Prognostic and Predictive Significance of Stromal Fibroblasts and Macrophages in Colon Cancer

Abstract

Colon cancer development and malignant progression are driven by genetic and epigenetic alterations in tumor cells and by factors from the tumor microenvironment. Cancer cells become reliant on the activity of specific oncogenes and on prosurvival and proliferative signals they receive from the abnormal environment they create and reside in. Accordingly, the response to anticancer therapy is determined by genetic and epigenetic changes that are intrinsic to tumor cells and by the factors present in the tumor microenvironment. Recent advances in the understanding of the involvement of the tumor microenvironment in tumor progression and therapeutic response are optimizing the application of prognostic and predictive factors in colon cancer. Moreover, new targets in the tumor microenvironment that are amenable to therapeutic intervention have been identified. Because stromal cells are with rare exceptions genetically stable, the tumor microenvironment has emerged as a preferred target for therapeutic drugs. In this review, we discuss the role of stromal fibroblasts and macrophages in colon cancer progression and in the response of colon cancer patients to therapy.

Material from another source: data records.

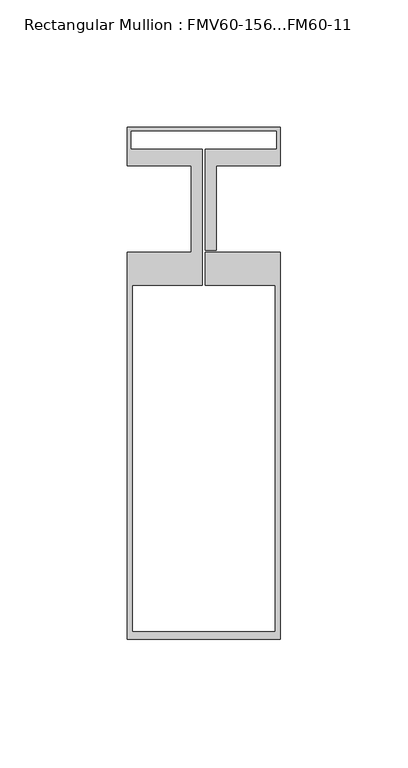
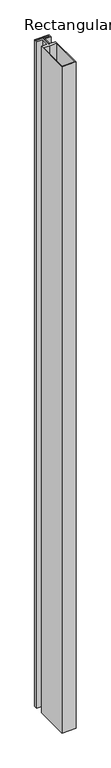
"""IFC4 building model written with IfcOpenShell, lengths in millimetres: member geometry, Rectangular Mullion : FMV60-156...FM60-11."""

import ifcopenshell
import ifcopenshell.guid

model = None  # the IFC model being written
_history = None  # IfcOwnerHistory: only IFC2X3 demands one
_inside = {}  # id of a spatial element -> (the spatial element, [elements in it])
_under = {}  # id of a project, library or spatial element -> (it, [spatial elements below it])
_declared = {}  # id of a project -> (the project, [libraries it declares])
_typed = {}  # id of a type object -> (the type object, [elements of that type])
_made_of = {}  # id of a material, layer set ... -> (it, [elements and type objects made of it])


def new_model(schema):
    """Start an empty IFC model of exactly this schema.

    Asked for "IFC4X3", IfcOpenShell would pick the latest addendum, in which some entities
    have other attributes; the version numbers below select the first issue.
    IFC2X3 requires an IfcOwnerHistory on every rooted entity: one is made here for all.
    """
    global model, _history
    if schema == "IFC4X3":
        model = ifcopenshell.file(schema_version=(4, 3, 0, 0))
    else:
        model = ifcopenshell.file(schema=schema)
    _inside.clear()
    _under.clear()
    _declared.clear()
    _typed.clear()
    _made_of.clear()
    _history = None
    if model.schema == "IFC2X3":
        org = make("IfcOrganization", Name="unknown")
        user = make(
            "IfcPersonAndOrganization",
            ThePerson=make("IfcPerson", FamilyName="unknown"),
            TheOrganization=org,
        )
        app = make(
            "IfcApplication",
            ApplicationDeveloper=org,
            Version="unknown",
            ApplicationFullName="unknown",
            ApplicationIdentifier="unknown",
        )
        _history = make(
            "IfcOwnerHistory",
            OwningUser=user,
            OwningApplication=app,
            ChangeAction="ADDED",
            CreationDate=0,
        )
    return model


def make(cls, **values):
    """One entity of the class cls with the attributes given. An attribute that is None is left unset."""
    return model.create_entity(
        cls, **{name: value for name, value in values.items() if value is not None}
    )


def rooted(cls, **values):
    """An entity with a GlobalId (a new one), such as an element, a storey or a relation."""
    return make(cls, GlobalId=ifcopenshell.guid.new(), OwnerHistory=_history, **values)


def si_unit(unit_type, name, prefix=None):
    """IfcSIUnit, for example si_unit("LENGTHUNIT", "METRE", prefix="MILLI")."""
    return make("IfcSIUnit", UnitType=unit_type, Prefix=prefix, Name=name)


def assignment(units):
    """IfcUnitAssignment: the units of a project."""
    return None if units is None else make("IfcUnitAssignment", Units=units)


def point(xyz):
    """IfcCartesianPoint."""
    return None if xyz is None else make("IfcCartesianPoint", Coordinates=xyz)


def direction(xyz):
    """IfcDirection."""
    return None if xyz is None else make("IfcDirection", DirectionRatios=xyz)


def frame(location, z_axis=None, x_axis=None):
    """IfcAxis2Placement3D, a coordinate frame: its origin and axes. An axis left out is left unset."""
    return make(
        "IfcAxis2Placement3D",
        Location=point(location),
        Axis=direction(z_axis),
        RefDirection=direction(x_axis),
    )


def origin():
    """The frame at (0, 0, 0) with its axes left unset."""
    return frame((0.0, 0.0, 0.0))


def place(relative_to, where):
    """IfcLocalPlacement: puts the frame where relative to a parent placement (None: the world)."""
    return make(
        "IfcLocalPlacement", PlacementRelTo=relative_to, RelativePlacement=where
    )


def context(
    kind, dimensions, precision=None, world=None, true_north=None, identifier=None
):
    """IfcGeometricRepresentationContext, for example the 3D "Model" context."""
    return make(
        "IfcGeometricRepresentationContext",
        ContextIdentifier=identifier,
        ContextType=kind,
        CoordinateSpaceDimension=dimensions,
        Precision=precision,
        WorldCoordinateSystem=world,
        TrueNorth=true_north,
    )


def project(units=None, contexts=None):
    """IfcProject with its units and contexts."""
    return rooted(
        "IfcProject",
        Name="project",
        RepresentationContexts=contexts,
        UnitsInContext=assignment(units),
    )


def spatial(cls, under=None, at=None, **own):
    """A site, building, storey or space (cls), placed at a placement, below another one or the project."""
    s = rooted(cls, ObjectPlacement=at, **own)
    if under is not None:
        _under.setdefault(under.id(), (under, []))[1].append(s)
    return s


def polyline(points):
    """IfcPolyline through the points."""
    return make("IfcPolyline", Points=[point(p) for p in points])


def outline(outer, holes=None, kind="AREA"):
    """IfcArbitraryClosedProfileDef: a profile drawn as a closed curve; with holes, ...WithVoids."""
    if holes is None:
        return make("IfcArbitraryClosedProfileDef", ProfileType=kind, OuterCurve=outer)
    return make(
        "IfcArbitraryProfileDefWithVoids",
        ProfileType=kind,
        OuterCurve=outer,
        InnerCurves=holes,
    )


def extrude(swept, where, along, depth):
    """IfcExtrudedAreaSolid: the profile swept, set in the frame where, extruded along a direction by depth."""
    return make(
        "IfcExtrudedAreaSolid",
        SweptArea=swept,
        Position=where,
        ExtrudedDirection=direction(along),
        Depth=depth,
    )


def shape(context_of_items, identifier, shape_type, items):
    """IfcShapeRepresentation: the items that make up one representation, for example the "Body"."""
    return make(
        "IfcShapeRepresentation",
        ContextOfItems=context_of_items,
        RepresentationIdentifier=identifier,
        RepresentationType=shape_type,
        Items=items,
    )


def source(mapping_origin, context_of_items, identifier, shape_type, items):
    """IfcRepresentationMap: a shape defined once, which mapped items show again and again."""
    return make(
        "IfcRepresentationMap",
        MappingOrigin=mapping_origin,
        MappedRepresentation=shape(context_of_items, identifier, shape_type, items),
    )


def transform(
    local_origin,
    x_axis=None,
    y_axis=None,
    z_axis=None,
    scale=None,
    scale2=None,
    scale3=None,
    uniform=True,
):
    """IfcCartesianTransformationOperator3D, or its non-uniform kind. x_axis, y_axis, z_axis: its Axis1, 2, 3."""
    if uniform:
        return make(
            "IfcCartesianTransformationOperator3D",
            Axis1=direction(x_axis),
            Axis2=direction(y_axis),
            LocalOrigin=point(local_origin),
            Scale=scale,
            Axis3=direction(z_axis),
        )
    return make(
        "IfcCartesianTransformationOperator3DnonUniform",
        Axis1=direction(x_axis),
        Axis2=direction(y_axis),
        LocalOrigin=point(local_origin),
        Scale=scale,
        Axis3=direction(z_axis),
        Scale2=scale2,
        Scale3=scale3,
    )


def mapped(mapping_source, mapping_target):
    """IfcMappedItem: shows the shape of a source again, moved by a transform."""
    return make(
        "IfcMappedItem", MappingSource=mapping_source, MappingTarget=mapping_target
    )


def made_of(thing, what):
    """Note that an element or type object is made of a material, layer set ...; save() writes the relation."""
    if what is not None:
        _made_of.setdefault(what.id(), (what, []))[1].append(thing)
    return thing


def element(
    cls,
    number,
    at=None,
    inside=None,
    cuts=None,
    type_object=None,
    material=None,
    context=None,
    identifier="Body",
    shape_type=None,
    held_by="IfcProductDefinitionShape",
    body=None,
    shapes=None,
    **own,
):
    """One element of the class cls, such as IfcWall. Its Tag is "e" and its number.

    at: its placement. inside: the storey or other place that contains it. cuts: it is an
    opening in that element (IfcRelVoidsElement). A single representation is given by context,
    identifier, shape_type and body (its items); several are given by shapes. held_by: the class
    of the entity that holds the representations. save() writes the other relations.
    """
    e = rooted(cls, Tag="e%d" % number, ObjectPlacement=at, **own)
    if body is not None:
        shapes = [shape(context, identifier, shape_type, body)]
    if shapes is not None:
        e.Representation = make(held_by, Representations=shapes)
    if inside is not None:
        _inside.setdefault(inside.id(), (inside, []))[1].append(e)
    if cuts is not None:
        rooted(
            "IfcRelVoidsElement", RelatingBuildingElement=cuts, RelatedOpeningElement=e
        )
    if type_object is not None:
        _typed.setdefault(type_object.id(), (type_object, []))[1].append(e)
    return made_of(e, material)


def aggregate(whole, parts):
    """IfcRelAggregates: a whole, such as a stair, and the parts it consists of."""
    return rooted("IfcRelAggregates", RelatingObject=whole, RelatedObjects=parts)


def save(model, path):
    """Write the relations noted so far, then the file.

    IfcRelAggregates (storeys below a building ...), IfcRelContainedInSpatialStructure (elements
    in a storey), IfcRelDefinesByType, IfcRelAssociatesMaterial and IfcRelDeclares: one each for
    every whole, place, type object, material and project.
    """
    for whole, parts in _under.values():
        aggregate(whole, parts)
    for where, things in _inside.values():
        rooted(
            "IfcRelContainedInSpatialStructure",
            RelatedElements=things,
            RelatingStructure=where,
        )
    for kind, things in _typed.values():
        rooted("IfcRelDefinesByType", RelatedObjects=things, RelatingType=kind)
    for what, things in _made_of.values():
        rooted("IfcRelAssociatesMaterial", RelatedObjects=things, RelatingMaterial=what)
    for by, libraries in _declared.values():
        rooted("IfcRelDeclares", RelatingContext=by, RelatedDefinitions=libraries)
    model.write(path)


def rectangular_mullion_fmv60_156_fm60_11_ceda7d93(model_context):
    return source(origin(), model_context, "Body", "SweptSolid", [
        extrude(outline(polyline([(30.0, -168.8990577), (-30.0, -168.8990577), (-30.0, -16.9), (-4.9995097, -16.9), (-4.9995097, 17.1), (-30.0, 17.1), (-30.0, 32.1038439), (30.0, 32.1038439), (30.0, 17.1), (5.0004903, 17.1), (5.0004903, -16.1), (0.5, -16.1), (0.5, 23.5439081), (28.7000412, 23.5439081), (28.7000412, 30.8038439), (-28.7000412, 30.8038439), (-28.7000412, 23.5439081), (-0.5, 23.5439081), (-0.5, -29.8945799), (-28.0, -29.8945799), (-28.0, -165.8990577), (28.0, -165.8990577), (28.0, -29.8945799), (0.5, -29.8945799), (0.5, -16.9), (30.0, -16.9), (30.0, -168.8990577)])), frame((0.0, 0.0, -3000.0), z_axis=(0.0, 0.0, 1.0), x_axis=(1.0, 0.0, 0.0)), (0.0, 0.0, 1.0), 3000.0),
    ])


if __name__ == "__main__":
    model = new_model("IFC4")
    model_context = context("Model", 3, world=origin())
    ifc_project = project(units=[si_unit("LENGTHUNIT", "METRE", prefix="MILLI")], contexts=[model_context])
    site = spatial("IfcSite", under=ifc_project)
    building = spatial("IfcBuilding", under=site)
    placement = place(None, origin())
    rectangular_mullion_fmv60_156_fm60_11_shape = rectangular_mullion_fmv60_156_fm60_11_ceda7d93(model_context)
    element("IfcMember", 1, ObjectType="Rectangular Mullion : FMV60-156...FM60-11", at=placement, inside=building, context=model_context, shape_type="MappedRepresentation", body=[
        mapped(rectangular_mullion_fmv60_156_fm60_11_shape, transform((0.0, 0.0, 0.0), x_axis=(1.0, 0.0, 0.0), y_axis=(0.0, 1.0, 0.0), z_axis=(0.0, 0.0, 1.0))),
    ])
    save(model, "model.ifc")

Keywords: colon cancer; fibroblasts; macrophages; tumor microenvironment.

Figure 1

Interplay between tumor cells and stroma. Fibroblasts and macrophages secrete a variety of soluble factors that trigger oncogenic signaling in tumor cells (Wnt, STAT3, NF-κB), resulting in enhanced proliferation, migration, and resistance to therapy. Note that some factors (eg, TGFβ, IL-6) can be produced by both macrophages and fibroblasts. In turn, tumor cells can produce factors, such as TGFβ, IL-1β, and HGF (indicated by red arrows), that activate stromal cells.

Figure 2

Molecular classification of colon cancer into three main colon cancer subtypes (CCS). This approach is more accurate for guiding therapeutic decisions. For example, these classifications established that KRas mutations are not optimal criteria for the selection of patients for an anti-EGFR therapy, as the CCS3 patients fail to respond to EGFR inhibitors irrespective of the KRas status. Abbreviations: CIN, chromosomal instability; MSI, microsatellite instability; CIMP, CpG island methylator phenotype; EMT, epithelial–mesenchymal transition.

Figure 3

Macrophages promote 5FU-induced apoptosis. (A) HCT116 and HKe-3 cells were treated with 5FU (10 μM) in the absence or the presence of THP1 macrophages (Mo) or IL-1β as indicated and the extent of apoptosis was determined after 48 hours. (B) HCT116 cells were treated with 5FU (1 μM or 10 μM) in the absence or the presence of THP1 macrophages or IL-1β as indicated for 48 hours. Cell lysates were examined for the presence of cleaved PARP, cleaved caspase-7, p53, and p21 by immunoblotting.